Per ISO/IEC 17025:2017 Clause 6.5.2, internal auto-calibration should be performed before first use each day and after any significant ambient temperature change (>1.5 °C). External verification using Class E2 or better weights is advised weekly or per risk-based assessment.
Does the FA1604 support connectivity to modern LIMS platforms?
Yes—via RS232 ASCII output. Integration requires middleware or custom scripting to parse delimiter-separated values into HL7 or ASTM E1384-compliant messages. No USB or Ethernet interface is built-in.
Can the balance operate continuously on battery power?
The included 9 V alkaline battery provides up to 8 hours of continuous operation under typical usage (10 s stabilization intervals, backlight enabled); rechargeable NiMH variants are not supported due to voltage regulation constraints.
Is the draft shield removable for cleaning without affecting calibration?
Yes—the acrylic shield is mechanically decoupled from the sensor assembly.
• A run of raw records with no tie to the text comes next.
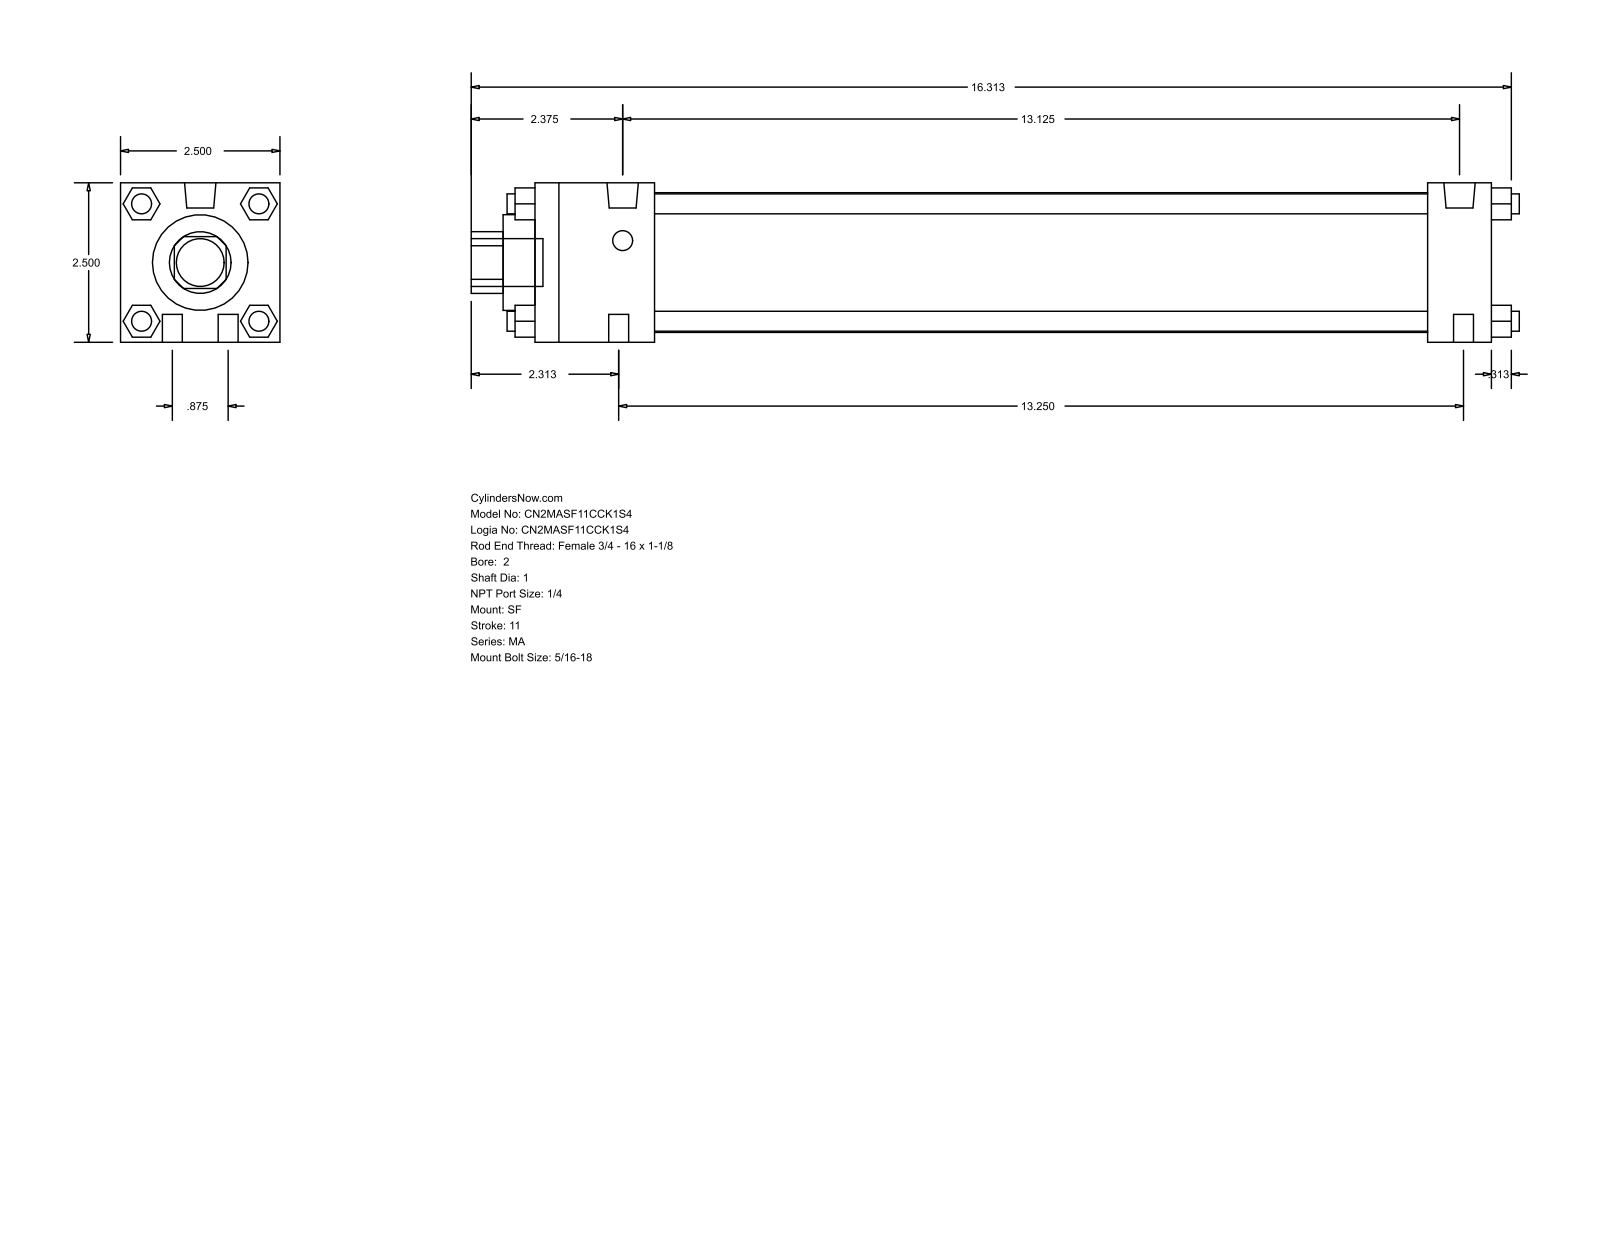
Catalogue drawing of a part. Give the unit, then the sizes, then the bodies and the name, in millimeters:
Units: millimetres
Overall size (bounding box): 417.51 × 63.5 × 63.5
Round holes (diameter × count): ⌀25.4 ×1, ⌀38.1 ×1, ⌀55.63 ×1
Round bosses / shafts (diameter × count): ⌀7.94 ×10, ⌀12.49 ×2, ⌀19.05 ×1
Partial cylindrical surfaces — rounded edges, fillets, slot ends (radius × count): R12.29 ×1
Main face-to-face distances: 63.5, 381, 12.7, 25.4, 355.6, 47.63, 307.97, 333.37, 40.47, 23.37
Bodies: 0 solids, 124 faces (94 planar, 30 cylindrical, 0 other)
Part name (STEP PRODUCT): MA_SF__0200_1
STEP written by: GSSL Pune (CONFIG_CONTROL_DESIGN)
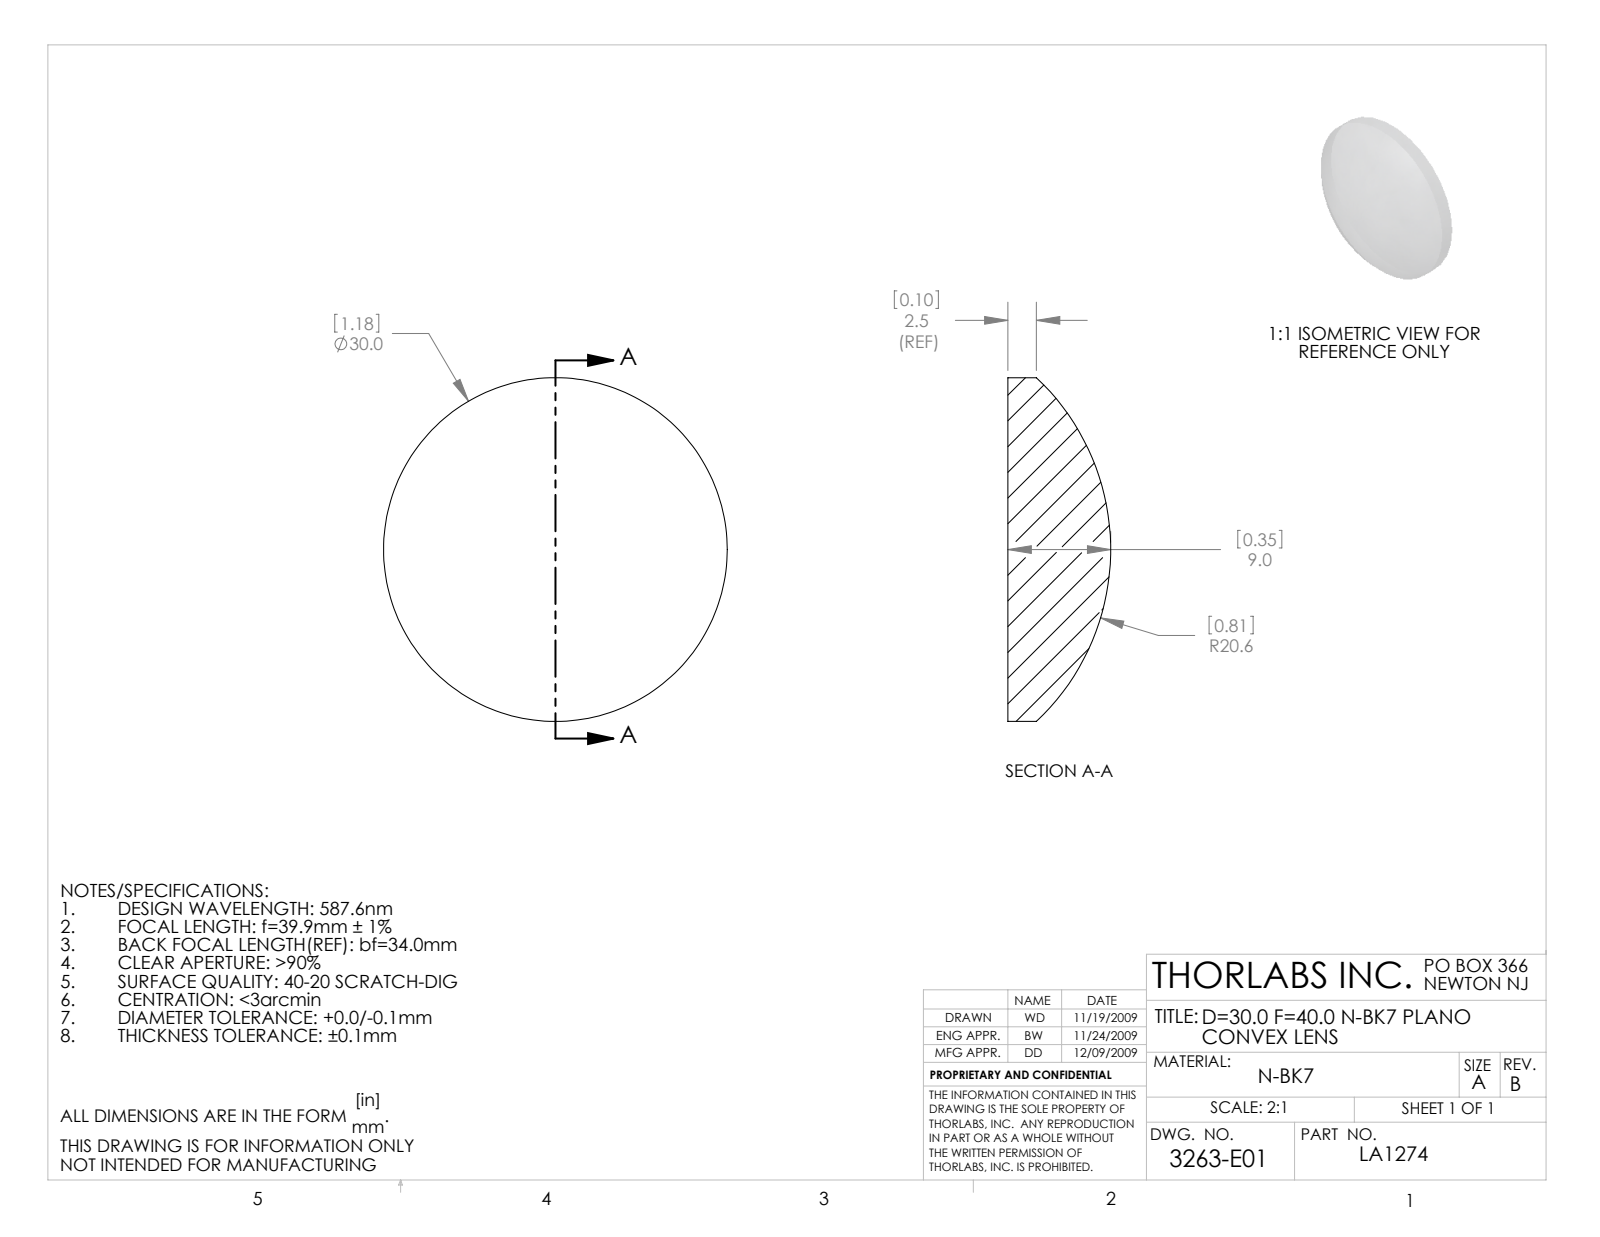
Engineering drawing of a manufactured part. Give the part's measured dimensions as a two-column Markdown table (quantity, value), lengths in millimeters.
| quantity | value |
| --- | --- |
| part name | 3263-E0W |
| STEP written by | SolidWorks 2009 (AUTOMOTIVE_DESIGN) |
| units | millimeters |
| bodies | 1 solid, 5 faces (1 planar, 2 cylindrical, 2 other) |
| overall size | 30 × 30 × 8.97 |
| volume | 4 193 mm³ |
| surface area | 1 780 mm² |
| round bosses / shafts (diameter × count) | 30 × 1 |
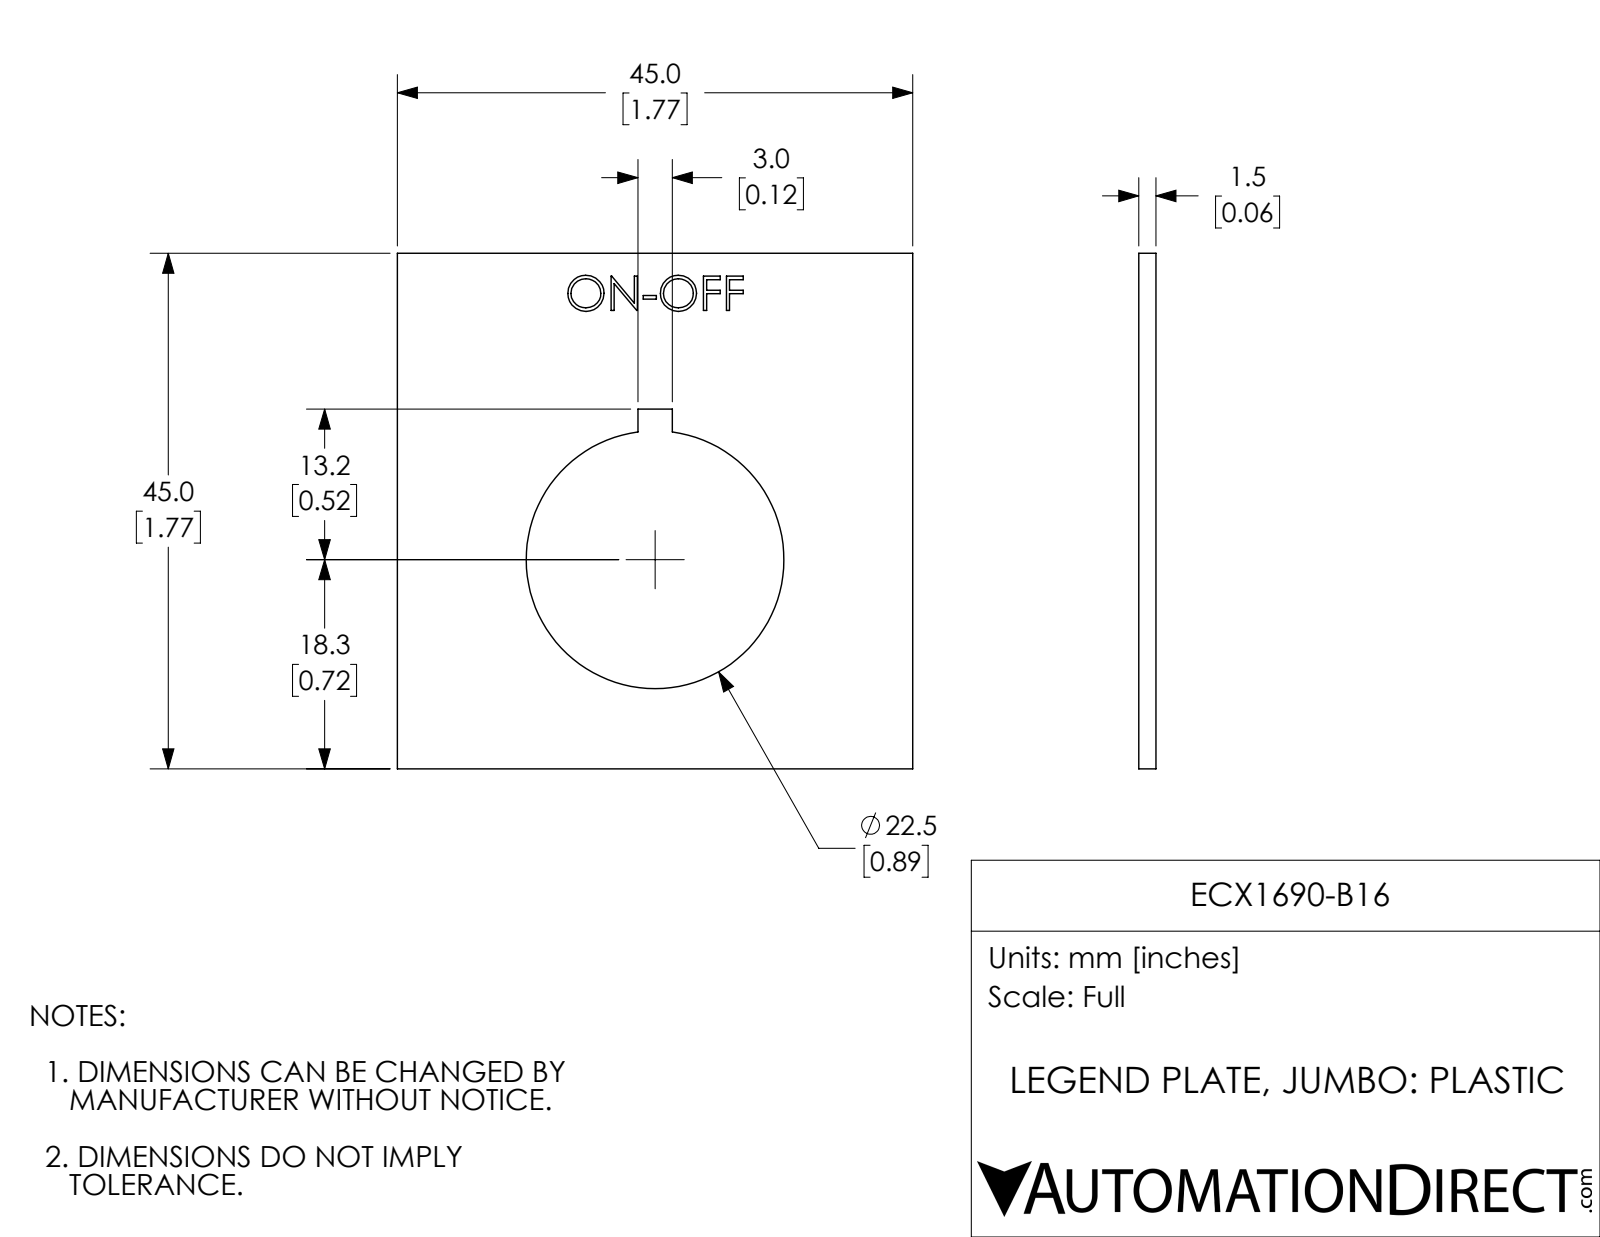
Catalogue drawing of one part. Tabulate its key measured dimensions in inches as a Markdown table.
| quantity | value |
| --- | --- |
| part name | ECX1690-B16 |
| STEP written by | SolidWorks 2018 (AUTOMOTIVE_DESIGN) |
| units | inches |
| bodies | 1 solid, 70 faces (51 planar, 3 cylindrical, 16 other) |
| overall size | 1.772 × 1.772 × 0.059 |
| volume | 0.148 in³ |
| surface area | 5.622 in² |
| round holes (diameter × count) | 0.886 × 1 |
| main face-to-face distances | 0.059, 1.772, 0.058, 0.827, 0.945, 1.236, 0.535, 0.118, 0.079, 0.091 |

Removal and reinstallation do not require recalibration, though full-system verification using test weights is recommended post-cleaning.
What does the “E03” error code indicate during startup?
E03 signifies an initialization failure in the electromagnetic transducer feedback loop—typically caused by mechanical obstruction of the pan or contamination on the magnetic gap. Power cycling followed by visual inspection of the pan suspension resolves >95% of occurrences.